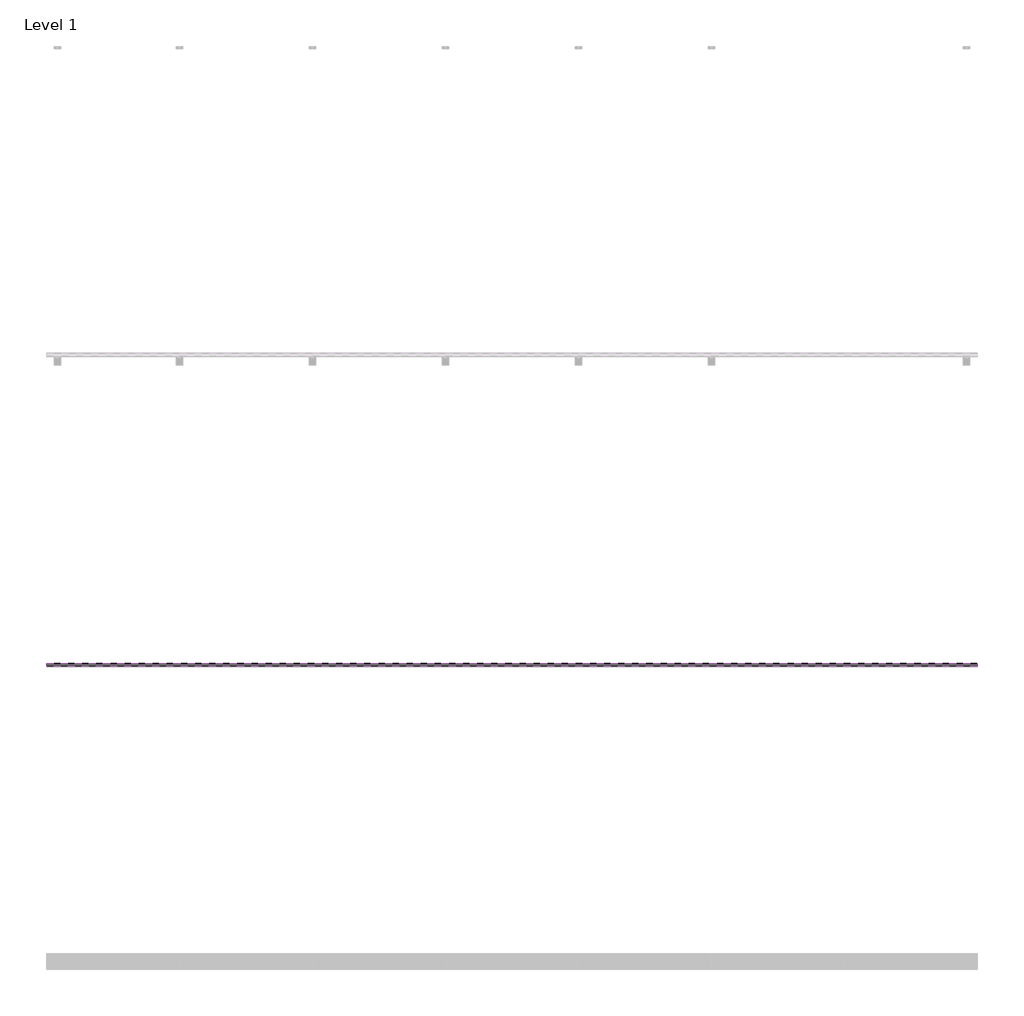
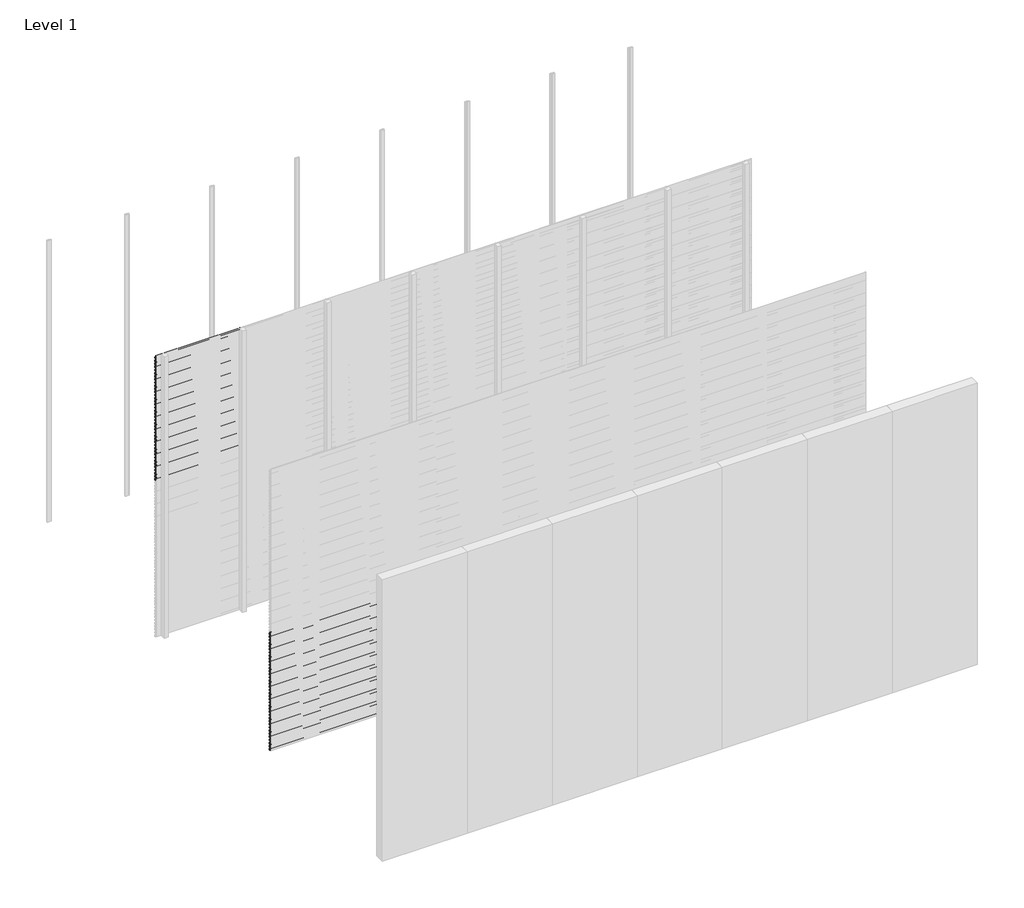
# One storey, part 42 of 96: 78 proxies.
"""IFC4 building model written with IfcOpenShell, lengths in millimetres."""

from ifc_helpers import new_model, si_unit, frame, origin, place, context, project, spatial, polyline, outline, extrude, element, save

model = new_model("IFC4")

# Units and contexts
model_context = context("Model", 3, world=origin())
ifc_project = project(units=[si_unit("LENGTHUNIT", "METRE", prefix="MILLI")], contexts=[model_context])

# Site, building, storey
site = spatial("IfcSite", under=ifc_project)
building = spatial("IfcBuilding", under=site)
storey = spatial("IfcBuildingStorey", under=building, Name="Level 1", Elevation=0.0)

# Proxies
placement = place(None, origin())
element("IfcBuildingElementProxy", 1, Name="Wall Sweeps", at=placement, inside=storey, context=model_context, shape_type="SweptSolid", body=[
    extrude(outline(polyline([(-29977.6, 2971.7655033), (-29977.6, 2957.4779188), (-29982.4114965, 2954.7), (-29982.4114965, 2955.9701706), (-29978.85, 2958.0264016), (-29978.85, 2971.0437382), (-29998.0, 2982.1000799), (-29998.0, 2997.0), (-29996.75, 2997.0), (-29996.75, 2982.8217609), (-29977.6, 2971.7655033)])), frame((0.0, 0.0, 0.0), z_axis=(1.0, 0.0, 0.0), x_axis=(0.0, 1.0, 0.0)), (0.0, 0.0, 1.0), 857.1428571),
])
element("IfcBuildingElementProxy", 2, Name="Wall Sweeps", at=placement, inside=storey, context=model_context, shape_type="SweptSolid", body=[
    extrude(outline(polyline([(-29977.6, 2938.4655033), (-29977.6, 2924.1779188), (-29982.4114965, 2921.4), (-29982.4114965, 2922.6701706), (-29978.85, 2924.7264016), (-29978.85, 2937.7437382), (-29998.0, 2948.8000799), (-29998.0, 2963.7), (-29996.75, 2963.7), (-29996.75, 2949.5217609), (-29977.6, 2938.4655033)])), frame((0.0, 0.0, 0.0), z_axis=(1.0, 0.0, 0.0), x_axis=(0.0, 1.0, 0.0)), (0.0, 0.0, 1.0), 857.1428571),
])
element("IfcBuildingElementProxy", 3, Name="Wall Sweeps", at=placement, inside=storey, context=model_context, shape_type="SweptSolid", body=[
    extrude(outline(polyline([(-29977.6, 2905.1655033), (-29977.6, 2890.8779188), (-29982.4114965, 2888.1), (-29982.4114965, 2889.3701706), (-29978.85, 2891.4264016), (-29978.85, 2904.4437382), (-29998.0, 2915.5000799), (-29998.0, 2930.4), (-29996.75, 2930.4), (-29996.75, 2916.2217609), (-29977.6, 2905.1655033)])), frame((0.0, 0.0, 0.0), z_axis=(1.0, 0.0, 0.0), x_axis=(0.0, 1.0, 0.0)), (0.0, 0.0, 1.0), 857.1428571),
])
element("IfcBuildingElementProxy", 4, Name="Wall Sweeps", at=placement, inside=storey, context=model_context, shape_type="SweptSolid", body=[
    extrude(outline(polyline([(-29977.6, 2871.8655033), (-29977.6, 2857.5779188), (-29982.4114965, 2854.8), (-29982.4114965, 2856.0701706), (-29978.85, 2858.1264016), (-29978.85, 2871.1437382), (-29998.0, 2882.2000799), (-29998.0, 2897.1), (-29996.75, 2897.1), (-29996.75, 2882.9217609), (-29977.6, 2871.8655033)])), frame((0.0, 0.0, 0.0), z_axis=(1.0, 0.0, 0.0), x_axis=(0.0, 1.0, 0.0)), (0.0, 0.0, 1.0), 857.1428571),
])
element("IfcBuildingElementProxy", 5, Name="Wall Sweeps", at=placement, inside=storey, context=model_context, shape_type="SweptSolid", body=[
    extrude(outline(polyline([(-29977.6, 2838.5655033), (-29977.6, 2824.2779188), (-29982.4114965, 2821.5), (-29982.4114965, 2822.7701706), (-29978.85, 2824.8264016), (-29978.85, 2837.8437382), (-29998.0, 2848.9000799), (-29998.0, 2863.8), (-29996.75, 2863.8), (-29996.75, 2849.6217609), (-29977.6, 2838.5655033)])), frame((0.0, 0.0, 0.0), z_axis=(1.0, 0.0, 0.0), x_axis=(0.0, 1.0, 0.0)), (0.0, 0.0, 1.0), 857.1428571),
])
element("IfcBuildingElementProxy", 6, Name="Wall Sweeps", at=placement, inside=storey, context=model_context, shape_type="SweptSolid", body=[
    extrude(outline(polyline([(-29977.6, 2805.2655033), (-29977.6, 2790.9779188), (-29982.4114965, 2788.2), (-29982.4114965, 2789.4701706), (-29978.85, 2791.5264016), (-29978.85, 2804.5437382), (-29998.0, 2815.6000799), (-29998.0, 2830.5), (-29996.75, 2830.5), (-29996.75, 2816.3217609), (-29977.6, 2805.2655033)])), frame((0.0, 0.0, 0.0), z_axis=(1.0, 0.0, 0.0), x_axis=(0.0, 1.0, 0.0)), (0.0, 0.0, 1.0), 857.1428571),
])
element("IfcBuildingElementProxy", 7, Name="Wall Sweeps", at=placement, inside=storey, context=model_context, shape_type="SweptSolid", body=[
    extrude(outline(polyline([(-29977.6, 2771.9655033), (-29977.6, 2757.6779188), (-29982.4114965, 2754.9), (-29982.4114965, 2756.1701706), (-29978.85, 2758.2264016), (-29978.85, 2771.2437382), (-29998.0, 2782.3000799), (-29998.0, 2797.2), (-29996.75, 2797.2), (-29996.75, 2783.0217609), (-29977.6, 2771.9655033)])), frame((0.0, 0.0, 0.0), z_axis=(1.0, 0.0, 0.0), x_axis=(0.0, 1.0, 0.0)), (0.0, 0.0, 1.0), 857.1428571),
])
element("IfcBuildingElementProxy", 8, Name="Wall Sweeps", at=placement, inside=storey, context=model_context, shape_type="SweptSolid", body=[
    extrude(outline(polyline([(-29977.6, 2738.6655033), (-29977.6, 2724.3779188), (-29982.4114965, 2721.6), (-29982.4114965, 2722.8701706), (-29978.85, 2724.9264016), (-29978.85, 2737.9437382), (-29998.0, 2749.0000799), (-29998.0, 2763.9), (-29996.75, 2763.9), (-29996.75, 2749.7217609), (-29977.6, 2738.6655033)])), frame((0.0, 0.0, 0.0), z_axis=(1.0, 0.0, 0.0), x_axis=(0.0, 1.0, 0.0)), (0.0, 0.0, 1.0), 857.1428571),
])
element("IfcBuildingElementProxy", 9, Name="Wall Sweeps", at=placement, inside=storey, context=model_context, shape_type="SweptSolid", body=[
    extrude(outline(polyline([(-29977.6, 2705.3655033), (-29977.6, 2691.0779188), (-29982.4114965, 2688.3), (-29982.4114965, 2689.5701706), (-29978.85, 2691.6264016), (-29978.85, 2704.6437382), (-29998.0, 2715.7000799), (-29998.0, 2730.6), (-29996.75, 2730.6), (-29996.75, 2716.4217609), (-29977.6, 2705.3655033)])), frame((0.0, 0.0, 0.0), z_axis=(1.0, 0.0, 0.0), x_axis=(0.0, 1.0, 0.0)), (0.0, 0.0, 1.0), 857.1428571),
])
element("IfcBuildingElementProxy", 10, Name="Wall Sweeps", at=placement, inside=storey, context=model_context, shape_type="SweptSolid", body=[
    extrude(outline(polyline([(-29977.6, 2672.0655033), (-29977.6, 2657.7779188), (-29982.4114965, 2655.0), (-29982.4114965, 2656.2701706), (-29978.85, 2658.3264016), (-29978.85, 2671.3437382), (-29998.0, 2682.4000799), (-29998.0, 2697.3), (-29996.75, 2697.3), (-29996.75, 2683.1217609), (-29977.6, 2672.0655033)])), frame((0.0, 0.0, 0.0), z_axis=(1.0, 0.0, 0.0), x_axis=(0.0, 1.0, 0.0)), (0.0, 0.0, 1.0), 857.1428571),
])
element("IfcBuildingElementProxy", 11, Name="Wall Sweeps", at=placement, inside=storey, context=model_context, shape_type="SweptSolid", body=[
    extrude(outline(polyline([(-29977.6, 2638.7655033), (-29977.6, 2624.4779188), (-29982.4114965, 2621.7), (-29982.4114965, 2622.9701706), (-29978.85, 2625.0264016), (-29978.85, 2638.0437382), (-29998.0, 2649.1000799), (-29998.0, 2664.0), (-29996.75, 2664.0), (-29996.75, 2649.8217609), (-29977.6, 2638.7655033)])), frame((0.0, 0.0, 0.0), z_axis=(1.0, 0.0, 0.0), x_axis=(0.0, 1.0, 0.0)), (0.0, 0.0, 1.0), 857.1428571),
])
element("IfcBuildingElementProxy", 12, Name="Wall Sweeps", at=placement, inside=storey, context=model_context, shape_type="SweptSolid", body=[
    extrude(outline(polyline([(-29977.6, 2605.4655033), (-29977.6, 2591.1779188), (-29982.4114965, 2588.4), (-29982.4114965, 2589.6701706), (-29978.85, 2591.7264016), (-29978.85, 2604.7437382), (-29998.0, 2615.8000799), (-29998.0, 2630.7), (-29996.75, 2630.7), (-29996.75, 2616.5217609), (-29977.6, 2605.4655033)])), frame((0.0, 0.0, 0.0), z_axis=(1.0, 0.0, 0.0), x_axis=(0.0, 1.0, 0.0)), (0.0, 0.0, 1.0), 857.1428571),
])
element("IfcBuildingElementProxy", 13, Name="Wall Sweeps", at=placement, inside=storey, context=model_context, shape_type="SweptSolid", body=[
    extrude(outline(polyline([(-29977.6, 2572.1655033), (-29977.6, 2557.8779188), (-29982.4114965, 2555.1), (-29982.4114965, 2556.3701706), (-29978.85, 2558.4264016), (-29978.85, 2571.4437382), (-29998.0, 2582.5000799), (-29998.0, 2597.4), (-29996.75, 2597.4), (-29996.75, 2583.2217609), (-29977.6, 2572.1655033)])), frame((0.0, 0.0, 0.0), z_axis=(1.0, 0.0, 0.0), x_axis=(0.0, 1.0, 0.0)), (0.0, 0.0, 1.0), 857.1428571),
])
element("IfcBuildingElementProxy", 14, Name="Wall Sweeps", at=placement, inside=storey, context=model_context, shape_type="SweptSolid", body=[
    extrude(outline(polyline([(-29977.6, 2538.8655033), (-29977.6, 2524.5779188), (-29982.4114965, 2521.8), (-29982.4114965, 2523.0701706), (-29978.85, 2525.1264016), (-29978.85, 2538.1437382), (-29998.0, 2549.2000799), (-29998.0, 2564.1), (-29996.75, 2564.1), (-29996.75, 2549.9217609), (-29977.6, 2538.8655033)])), frame((0.0, 0.0, 0.0), z_axis=(1.0, 0.0, 0.0), x_axis=(0.0, 1.0, 0.0)), (0.0, 0.0, 1.0), 857.1428571),
])
element("IfcBuildingElementProxy", 15, Name="Wall Sweeps", at=placement, inside=storey, context=model_context, shape_type="SweptSolid", body=[
    extrude(outline(polyline([(-29977.6, 2505.5655033), (-29977.6, 2491.2779188), (-29982.4114965, 2488.5), (-29982.4114965, 2489.7701706), (-29978.85, 2491.8264016), (-29978.85, 2504.8437382), (-29998.0, 2515.9000799), (-29998.0, 2530.8), (-29996.75, 2530.8), (-29996.75, 2516.6217609), (-29977.6, 2505.5655033)])), frame((0.0, 0.0, 0.0), z_axis=(1.0, 0.0, 0.0), x_axis=(0.0, 1.0, 0.0)), (0.0, 0.0, 1.0), 857.1428571),
])
element("IfcBuildingElementProxy", 16, Name="Wall Sweeps", at=placement, inside=storey, context=model_context, shape_type="SweptSolid", body=[
    extrude(outline(polyline([(-29977.6, 2472.2655033), (-29977.6, 2457.9779188), (-29982.4114965, 2455.2), (-29982.4114965, 2456.4701706), (-29978.85, 2458.5264016), (-29978.85, 2471.5437382), (-29998.0, 2482.6000799), (-29998.0, 2497.5), (-29996.75, 2497.5), (-29996.75, 2483.3217609), (-29977.6, 2472.2655033)])), frame((0.0, 0.0, 0.0), z_axis=(1.0, 0.0, 0.0), x_axis=(0.0, 1.0, 0.0)), (0.0, 0.0, 1.0), 857.1428571),
])
element("IfcBuildingElementProxy", 17, Name="Wall Sweeps", at=placement, inside=storey, context=model_context, shape_type="SweptSolid", body=[
    extrude(outline(polyline([(-29977.6, 2438.9655033), (-29977.6, 2424.6779188), (-29982.4114965, 2421.9), (-29982.4114965, 2423.1701706), (-29978.85, 2425.2264016), (-29978.85, 2438.2437382), (-29998.0, 2449.3000799), (-29998.0, 2464.2), (-29996.75, 2464.2), (-29996.75, 2450.0217609), (-29977.6, 2438.9655033)])), frame((0.0, 0.0, 0.0), z_axis=(1.0, 0.0, 0.0), x_axis=(0.0, 1.0, 0.0)), (0.0, 0.0, 1.0), 857.1428571),
])
element("IfcBuildingElementProxy", 18, Name="Wall Sweeps", at=placement, inside=storey, context=model_context, shape_type="SweptSolid", body=[
    extrude(outline(polyline([(-29977.6, 2405.6655033), (-29977.6, 2391.3779188), (-29982.4114965, 2388.6), (-29982.4114965, 2389.8701706), (-29978.85, 2391.9264016), (-29978.85, 2404.9437382), (-29998.0, 2416.0000799), (-29998.0, 2430.9), (-29996.75, 2430.9), (-29996.75, 2416.7217609), (-29977.6, 2405.6655033)])), frame((0.0, 0.0, 0.0), z_axis=(1.0, 0.0, 0.0), x_axis=(0.0, 1.0, 0.0)), (0.0, 0.0, 1.0), 857.1428571),
])
element("IfcBuildingElementProxy", 19, Name="Wall Sweeps", at=placement, inside=storey, context=model_context, shape_type="SweptSolid", body=[
    extrude(outline(polyline([(-29977.6, 2372.3655033), (-29977.6, 2358.0779188), (-29982.4114965, 2355.3), (-29982.4114965, 2356.5701706), (-29978.85, 2358.6264016), (-29978.85, 2371.6437382), (-29998.0, 2382.7000799), (-29998.0, 2397.6), (-29996.75, 2397.6), (-29996.75, 2383.4217609), (-29977.6, 2372.3655033)])), frame((0.0, 0.0, 0.0), z_axis=(1.0, 0.0, 0.0), x_axis=(0.0, 1.0, 0.0)), (0.0, 0.0, 1.0), 857.1428571),
])
element("IfcBuildingElementProxy", 20, Name="Wall Sweeps", at=placement, inside=storey, context=model_context, shape_type="SweptSolid", body=[
    extrude(outline(polyline([(-29977.6, 2339.0655033), (-29977.6, 2324.7779188), (-29982.4114965, 2322.0), (-29982.4114965, 2323.2701706), (-29978.85, 2325.3264016), (-29978.85, 2338.3437382), (-29998.0, 2349.4000799), (-29998.0, 2364.3), (-29996.75, 2364.3), (-29996.75, 2350.1217609), (-29977.6, 2339.0655033)])), frame((0.0, 0.0, 0.0), z_axis=(1.0, 0.0, 0.0), x_axis=(0.0, 1.0, 0.0)), (0.0, 0.0, 1.0), 857.1428571),
])
element("IfcBuildingElementProxy", 21, Name="Wall Sweeps", at=placement, inside=storey, context=model_context, shape_type="SweptSolid", body=[
    extrude(outline(polyline([(-29977.6, 2305.7655033), (-29977.6, 2291.4779188), (-29982.4114965, 2288.7), (-29982.4114965, 2289.9701706), (-29978.85, 2292.0264016), (-29978.85, 2305.0437382), (-29998.0, 2316.1000799), (-29998.0, 2331.0), (-29996.75, 2331.0), (-29996.75, 2316.8217609), (-29977.6, 2305.7655033)])), frame((0.0, 0.0, 0.0), z_axis=(1.0, 0.0, 0.0), x_axis=(0.0, 1.0, 0.0)), (0.0, 0.0, 1.0), 857.1428571),
])
element("IfcBuildingElementProxy", 22, Name="Wall Sweeps", at=placement, inside=storey, context=model_context, shape_type="SweptSolid", body=[
    extrude(outline(polyline([(-29977.6, 2272.4655033), (-29977.6, 2258.1779188), (-29982.4114965, 2255.4), (-29982.4114965, 2256.6701706), (-29978.85, 2258.7264016), (-29978.85, 2271.7437382), (-29998.0, 2282.8000799), (-29998.0, 2297.7), (-29996.75, 2297.7), (-29996.75, 2283.5217609), (-29977.6, 2272.4655033)])), frame((0.0, 0.0, 0.0), z_axis=(1.0, 0.0, 0.0), x_axis=(0.0, 1.0, 0.0)), (0.0, 0.0, 1.0), 857.1428571),
])
element("IfcBuildingElementProxy", 23, Name="Wall Sweeps", at=placement, inside=storey, context=model_context, shape_type="SweptSolid", body=[
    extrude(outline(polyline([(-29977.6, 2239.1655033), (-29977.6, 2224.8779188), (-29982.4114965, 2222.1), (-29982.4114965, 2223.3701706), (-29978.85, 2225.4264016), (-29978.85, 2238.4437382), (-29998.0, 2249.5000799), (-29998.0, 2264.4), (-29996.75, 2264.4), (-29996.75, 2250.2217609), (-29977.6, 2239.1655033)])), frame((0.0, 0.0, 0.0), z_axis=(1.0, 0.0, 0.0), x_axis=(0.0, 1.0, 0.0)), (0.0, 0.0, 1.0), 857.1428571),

┄┄┄┄┄┄┄┄┄┄┄┄┄┄┄┄┄┄┄┄

GOAL OF THE EXERCISE. Count all lines of the data that include "origin". The answer is the number alone.

YOUR SOLUTION. 3